### Problem description
Would you reproduce the data below exactly, please, leaving out its images?

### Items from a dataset
================

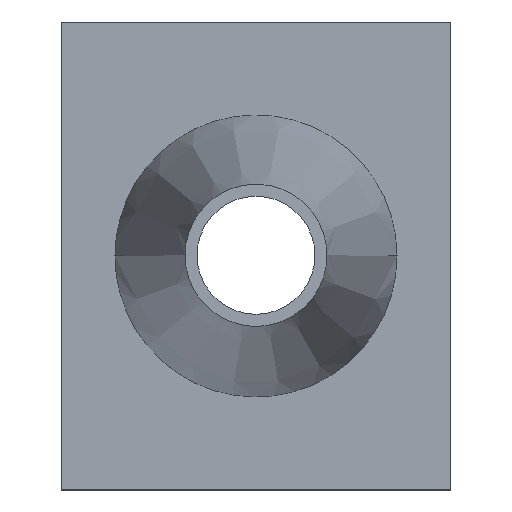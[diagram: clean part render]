
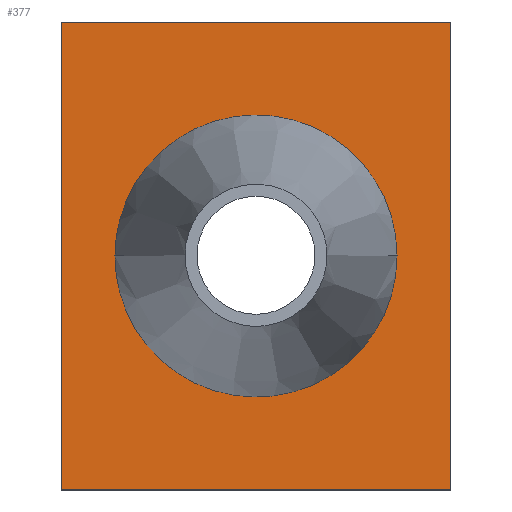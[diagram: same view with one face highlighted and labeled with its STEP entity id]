
A CAD part, top view. The second image highlights one B-rep face of the part: STEP entity #377.
In plain terms, the highlighted planar face has unit normal (0, 0, 1).
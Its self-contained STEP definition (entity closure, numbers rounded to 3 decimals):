
#167=CARTESIAN_POINT('Vertex',(0.,119.,3.)) ;
#174=CARTESIAN_POINT('Vertex',(0.,0.,3.)) ;
#177=CARTESIAN_POINT('Line Origine',(0.,59.5,3.)) ;
#198=CARTESIAN_POINT('Vertex',(99.,119.,3.)) ;
#201=CARTESIAN_POINT('Line Origine',(49.5,119.,3.)) ;
#222=CARTESIAN_POINT('Vertex',(99.,0.,3.)) ;
#225=CARTESIAN_POINT('Line Origine',(99.,59.5,3.)) ;
#242=CARTESIAN_POINT('Line Origine',(49.5,0.,3.)) ;
#324=CARTESIAN_POINT('Axis2P3D Location',(0.,0.,3.)) ;
#336=CARTESIAN_POINT('Control Point',(85.355,59.5,3.)) ;
#337=CARTESIAN_POINT('Control Point',(85.355,65.382,3.)) ;
#338=CARTESIAN_POINT('Control Point',(84.149,71.265,3.)) ;
#339=CARTESIAN_POINT('Control Point',(81.734,76.818,3.)) ;
#340=CARTESIAN_POINT('Control Point',(74.775,86.606,3.)) ;
#341=CARTESIAN_POINT('Control Point',(64.524,92.865,3.)) ;
#342=CARTESIAN_POINT('Control Point',(58.816,94.886,3.)) ;
#343=CARTESIAN_POINT('Control Point',(46.909,96.471,3.)) ;
#344=CARTESIAN_POINT('Control Point',(35.34,93.241,3.)) ;
#345=CARTESIAN_POINT('Control Point',(29.969,90.444,3.)) ;
#346=CARTESIAN_POINT('Control Point',(21.483,83.467,3.)) ;
#347=CARTESIAN_POINT('Control Point',(16.135,73.949,3.)) ;
#348=CARTESIAN_POINT('Control Point',(14.475,69.258,3.)) ;
#349=CARTESIAN_POINT('Control Point',(13.645,64.379,3.)) ;
#350=CARTESIAN_POINT('Control Point',(13.645,59.5,3.)) ;
#351=CARTESIAN_POINT('Vertex',(85.355,59.5,3.)) ;
#353=CARTESIAN_POINT('Vertex',(13.645,59.5,3.)) ;
#357=CARTESIAN_POINT('Control Point',(85.355,59.5,3.)) ;
#358=CARTESIAN_POINT('Control Point',(85.355,53.618,3.)) ;
#359=CARTESIAN_POINT('Control Point',(84.149,47.735,3.)) ;
#360=CARTESIAN_POINT('Control Point',(81.734,42.182,3.)) ;
#361=CARTESIAN_POINT('Control Point',(74.775,32.394,3.)) ;
#362=CARTESIAN_POINT('Control Point',(64.524,26.135,3.)) ;
#363=CARTESIAN_POINT('Control Point',(58.816,24.114,3.)) ;
#364=CARTESIAN_POINT('Control Point',(46.909,22.529,3.)) ;
#365=CARTESIAN_POINT('Control Point',(35.34,25.759,3.)) ;
#366=CARTESIAN_POINT('Control Point',(29.969,28.556,3.)) ;
#367=CARTESIAN_POINT('Control Point',(21.483,35.533,3.)) ;
#368=CARTESIAN_POINT('Control Point',(16.135,45.051,3.)) ;
#369=CARTESIAN_POINT('Control Point',(14.475,49.742,3.)) ;
#370=CARTESIAN_POINT('Control Point',(13.645,54.621,3.)) ;
#371=CARTESIAN_POINT('Control Point',(13.645,59.5,3.)) ;
#178=DIRECTION('Vector Direction',(0.,1.,0.)) ;
#202=DIRECTION('Vector Direction',(-1.,0.,0.)) ;
#226=DIRECTION('Vector Direction',(0.,1.,0.)) ;
#243=DIRECTION('Vector Direction',(1.,0.,0.)) ;
#325=DIRECTION('Axis2P3D Direction',(0.,0.,1.)) ;
#326=DIRECTION('Axis2P3D XDirection',(1.,0.,0.)) ;
#327=AXIS2_PLACEMENT_3D('Plane Axis2P3D',#324,#325,#326) ;
#330=ORIENTED_EDGE('',*,*,#181,.F.) ;
#331=ORIENTED_EDGE('',*,*,#246,.T.) ;
#332=ORIENTED_EDGE('',*,*,#229,.T.) ;
#333=ORIENTED_EDGE('',*,*,#205,.T.) ;
#374=ORIENTED_EDGE('',*,*,#355,.F.) ;
#375=ORIENTED_EDGE('',*,*,#372,.T.) ;
#376=FACE_BOUND('',#373,.T.) ;
#179=VECTOR('Line Direction',#178,1.) ;
#203=VECTOR('Line Direction',#202,1.) ;
#227=VECTOR('Line Direction',#226,1.) ;
#244=VECTOR('Line Direction',#243,1.) ;
#377=ADVANCED_FACE('PartBody',(#334,#376),#328,.T.) ;
#335=B_SPLINE_CURVE_WITH_KNOTS('',5,(#336,#337,#338,#339,#340,#341,#342,#343,#344,#345,#346,#347,#348,#349,#350),.UNSPECIFIED.,.F.,.U.,(6,3,3,3,6),(0.,31.882,63.769,95.656,122.099),.UNSPECIFIED.) ;
#356=B_SPLINE_CURVE_WITH_KNOTS('',5,(#357,#358,#359,#360,#361,#362,#363,#364,#365,#366,#367,#368,#369,#370,#371),.UNSPECIFIED.,.F.,.U.,(6,3,3,3,6),(0.,31.882,63.769,95.656,122.099),.UNSPECIFIED.) ;
#181=EDGE_CURVE('',#175,#168,#180,.T.) ;
#205=EDGE_CURVE('',#199,#168,#204,.T.) ;
#229=EDGE_CURVE('',#223,#199,#228,.T.) ;
#246=EDGE_CURVE('',#175,#223,#245,.T.) ;
#355=EDGE_CURVE('',#352,#354,#335,.T.) ;
#372=EDGE_CURVE('',#352,#354,#356,.T.) ;
#329=EDGE_LOOP('',(#330,#331,#332,#333)) ;
#373=EDGE_LOOP('',(#374,#375)) ;
#334=FACE_OUTER_BOUND('',#329,.T.) ;
#180=LINE('Line',#177,#179) ;
#204=LINE('Line',#201,#203) ;
#228=LINE('Line',#225,#227) ;
#245=LINE('Line',#242,#244) ;
#328=PLANE('',#327) ;
#168=VERTEX_POINT('',#167) ;
#175=VERTEX_POINT('',#174) ;
#199=VERTEX_POINT('',#198) ;
#223=VERTEX_POINT('',#222) ;
#352=VERTEX_POINT('',#351) ;
#354=VERTEX_POINT('',#353) ;
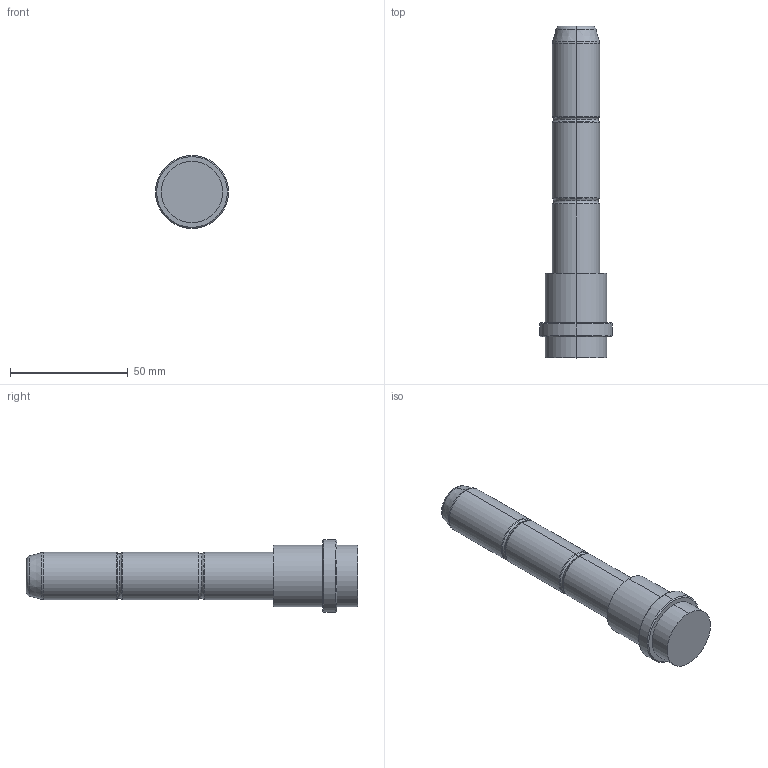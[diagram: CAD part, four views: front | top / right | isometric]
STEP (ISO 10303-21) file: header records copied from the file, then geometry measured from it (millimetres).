
FILE_DESCRIPTION (( 'STEP AP214' ), '1' );
FILE_NAME ('BR00 20x27x105.STEP', '2019-05-15T09:37:43', ( 'August' ), ( '' ), 'SwSTEP 2.0', 'SolidWorks 2018', '' );
FILE_SCHEMA (( 'AUTOMOTIVE_DESIGN' ));
Length unit declared in the file: millimetre
Products named in the file (1): BR00 20x27x105
Bounding box: 31 x 141 x 31 mm (x, y, z)
Volume: 52899.1 mm3; surface area: 10961 mm2
Topology: 1 solids, 1 shells, 43 faces, 84 edges, 46 vertices
Faces by surface type: torus 20, cylinder 12, cone 6, plane 5
Entity records: 1138 total; most frequent: DIRECTION 238, CARTESIAN_POINT 174, ORIENTED_EDGE 168, AXIS2_PLACEMENT_3D 110, EDGE_CURVE 84, CIRCLE 66, EDGE_LOOP 46, VERTEX_POINT 46

================

### Result below
[diagram: clean part render]
[diagram: same view with one face highlighted and labeled with its STEP entity id]
A CAD part, top view. The second image highlights one B-rep face of the part: STEP entity #377.
In plain terms, the highlighted planar face has unit normal (0, 0, 1).
Its self-contained STEP definition (entity closure, numbers rounded to 3 decimals):
#167=CARTESIAN_POINT('Vertex',(0.,119.,3.)) ;
#174=CARTESIAN_POINT('Vertex',(0.,0.,3.)) ;
#177=CARTESIAN_POINT('Line Origine',(0.,59.5,3.)) ;
#198=CARTESIAN_POINT('Vertex',(99.,119.,3.)) ;
#201=CARTESIAN_POINT('Line Origine',(49.5,119.,3.)) ;
#222=CARTESIAN_POINT('Vertex',(99.,0.,3.)) ;
#225=CARTESIAN_POINT('Line Origine',(99.,59.5,3.)) ;
#242=CARTESIAN_POINT('Line Origine',(49.5,0.,3.)) ;
#324=CARTESIAN_POINT('Axis2P3D Location',(0.,0.,3.)) ;
#336=CARTESIAN_POINT('Control Point',(85.355,59.5,3.)) ;
#337=CARTESIAN_POINT('Control Point',(85.355,65.382,3.)) ;
#338=CARTESIAN_POINT('Control Point',(84.149,71.265,3.)) ;
#339=CARTESIAN_POINT('Control Point',(81.734,76.818,3.)) ;
#340=CARTESIAN_POINT('Control Point',(74.775,86.606,3.)) ;
#341=CARTESIAN_POINT('Control Point',(64.524,92.865,3.)) ;
#342=CARTESIAN_POINT('Control Point',(58.816,94.886,3.)) ;
#343=CARTESIAN_POINT('Control Point',(46.909,96.471,3.)) ;
#344=CARTESIAN_POINT('Control Point',(35.34,93.241,3.)) ;
#345=CARTESIAN_POINT('Control Point',(29.969,90.444,3.)) ;
#346=CARTESIAN_POINT('Control Point',(21.483,83.467,3.)) ;
#347=CARTESIAN_POINT('Control Point',(16.135,73.949,3.)) ;
#348=CARTESIAN_POINT('Control Point',(14.475,69.258,3.)) ;
#349=CARTESIAN_POINT('Control Point',(13.645,64.379,3.)) ;
#350=CARTESIAN_POINT('Control Point',(13.645,59.5,3.)) ;
#351=CARTESIAN_POINT('Vertex',(85.355,59.5,3.)) ;
#353=CARTESIAN_POINT('Vertex',(13.645,59.5,3.)) ;
#357=CARTESIAN_POINT('Control Point',(85.355,59.5,3.)) ;
#358=CARTESIAN_POINT('Control Point',(85.355,53.618,3.)) ;
#359=CARTESIAN_POINT('Control Point',(84.149,47.735,3.)) ;
#360=CARTESIAN_POINT('Control Point',(81.734,42.182,3.)) ;
#361=CARTESIAN_POINT('Control Point',(74.775,32.394,3.)) ;
#362=CARTESIAN_POINT('Control Point',(64.524,26.135,3.)) ;
#363=CARTESIAN_POINT('Control Point',(58.816,24.114,3.)) ;
#364=CARTESIAN_POINT('Control Point',(46.909,22.529,3.)) ;
#365=CARTESIAN_POINT('Control Point',(35.34,25.759,3.)) ;
#366=CARTESIAN_POINT('Control Point',(29.969,28.556,3.)) ;
#367=CARTESIAN_POINT('Control Point',(21.483,35.533,3.)) ;
#368=CARTESIAN_POINT('Control Point',(16.135,45.051,3.)) ;
#369=CARTESIAN_POINT('Control Point',(14.475,49.742,3.)) ;
#370=CARTESIAN_POINT('Control Point',(13.645,54.621,3.)) ;
#371=CARTESIAN_POINT('Control Point',(13.645,59.5,3.)) ;
#178=DIRECTION('Vector Direction',(0.,1.,0.)) ;
#202=DIRECTION('Vector Direction',(-1.,0.,0.)) ;
#226=DIRECTION('Vector Direction',(0.,1.,0.)) ;
#243=DIRECTION('Vector Direction',(1.,0.,0.)) ;
#325=DIRECTION('Axis2P3D Direction',(0.,0.,1.)) ;
#326=DIRECTION('Axis2P3D XDirection',(1.,0.,0.)) ;
#327=AXIS2_PLACEMENT_3D('Plane Axis2P3D',#324,#325,#326) ;
#330=ORIENTED_EDGE('',*,*,#181,.F.) ;
#331=ORIENTED_EDGE('',*,*,#246,.T.) ;
#332=ORIENTED_EDGE('',*,*,#229,.T.) ;
#333=ORIENTED_EDGE('',*,*,#205,.T.) ;
#374=ORIENTED_EDGE('',*,*,#355,.F.) ;
#375=ORIENTED_EDGE('',*,*,#372,.T.) ;
#376=FACE_BOUND('',#373,.T.) ;
#179=VECTOR('Line Direction',#178,1.) ;
#203=VECTOR('Line Direction',#202,1.) ;
#227=VECTOR('Line Direction',#226,1.) ;
#244=VECTOR('Line Direction',#243,1.) ;
#377=ADVANCED_FACE('PartBody',(#334,#376),#328,.T.) ;
#335=B_SPLINE_CURVE_WITH_KNOTS('',5,(#336,#337,#338,#339,#340,#341,#342,#343,#344,#345,#346,#347,#348,#349,#350),.UNSPECIFIED.,.F.,.U.,(6,3,3,3,6),(0.,31.882,63.769,95.656,122.099),.UNSPECIFIED.) ;
#356=B_SPLINE_CURVE_WITH_KNOTS('',5,(#357,#358,#359,#360,#361,#362,#363,#364,#365,#366,#367,#368,#369,#370,#371),.UNSPECIFIED.,.F.,.U.,(6,3,3,3,6),(0.,31.882,63.769,95.656,122.099),.UNSPECIFIED.) ;
#181=EDGE_CURVE('',#175,#168,#180,.T.) ;
#205=EDGE_CURVE('',#199,#168,#204,.T.) ;
#229=EDGE_CURVE('',#223,#199,#228,.T.) ;
#246=EDGE_CURVE('',#175,#223,#245,.T.) ;
#355=EDGE_CURVE('',#352,#354,#335,.T.) ;
#372=EDGE_CURVE('',#352,#354,#356,.T.) ;
#329=EDGE_LOOP('',(#330,#331,#332,#333)) ;
#373=EDGE_LOOP('',(#374,#375)) ;
#334=FACE_OUTER_BOUND('',#329,.T.) ;
#180=LINE('Line',#177,#179) ;
#204=LINE('Line',#201,#203) ;
#228=LINE('Line',#225,#227) ;
#245=LINE('Line',#242,#244) ;
#328=PLANE('',#327) ;
#168=VERTEX_POINT('',#167) ;
#175=VERTEX_POINT('',#174) ;
#199=VERTEX_POINT('',#198) ;
#223=VERTEX_POINT('',#222) ;
#352=VERTEX_POINT('',#351) ;
#354=VERTEX_POINT('',#353) ;
[diagram: CAD part, four views: front | top / right | isometric]
STEP (ISO 10303-21) file: header records copied from the file, then geometry measured from it (millimetres).
FILE_DESCRIPTION (( 'STEP AP214' ), '1' );
FILE_NAME ('BR00 20x27x105.STEP', '2019-05-15T09:37:43', ( 'August' ), ( '' ), 'SwSTEP 2.0', 'SolidWorks 2018', '' );
FILE_SCHEMA (( 'AUTOMOTIVE_DESIGN' ));
Length unit declared in the file: millimetre
Products named in the file (1): BR00 20x27x105
Bounding box: 31 x 141 x 31 mm (x, y, z)
Volume: 52899.1 mm3; surface area: 10961 mm2
Topology: 1 solids, 1 shells, 43 faces, 84 edges, 46 vertices
Faces by surface type: torus 20, cylinder 12, cone 6, plane 5
Entity records: 1138 total; most frequent: DIRECTION 238, CARTESIAN_POINT 174, ORIENTED_EDGE 168, AXIS2_PLACEMENT_3D 110, EDGE_CURVE 84, CIRCLE 66, EDGE_LOOP 46, VERTEX_POINT 46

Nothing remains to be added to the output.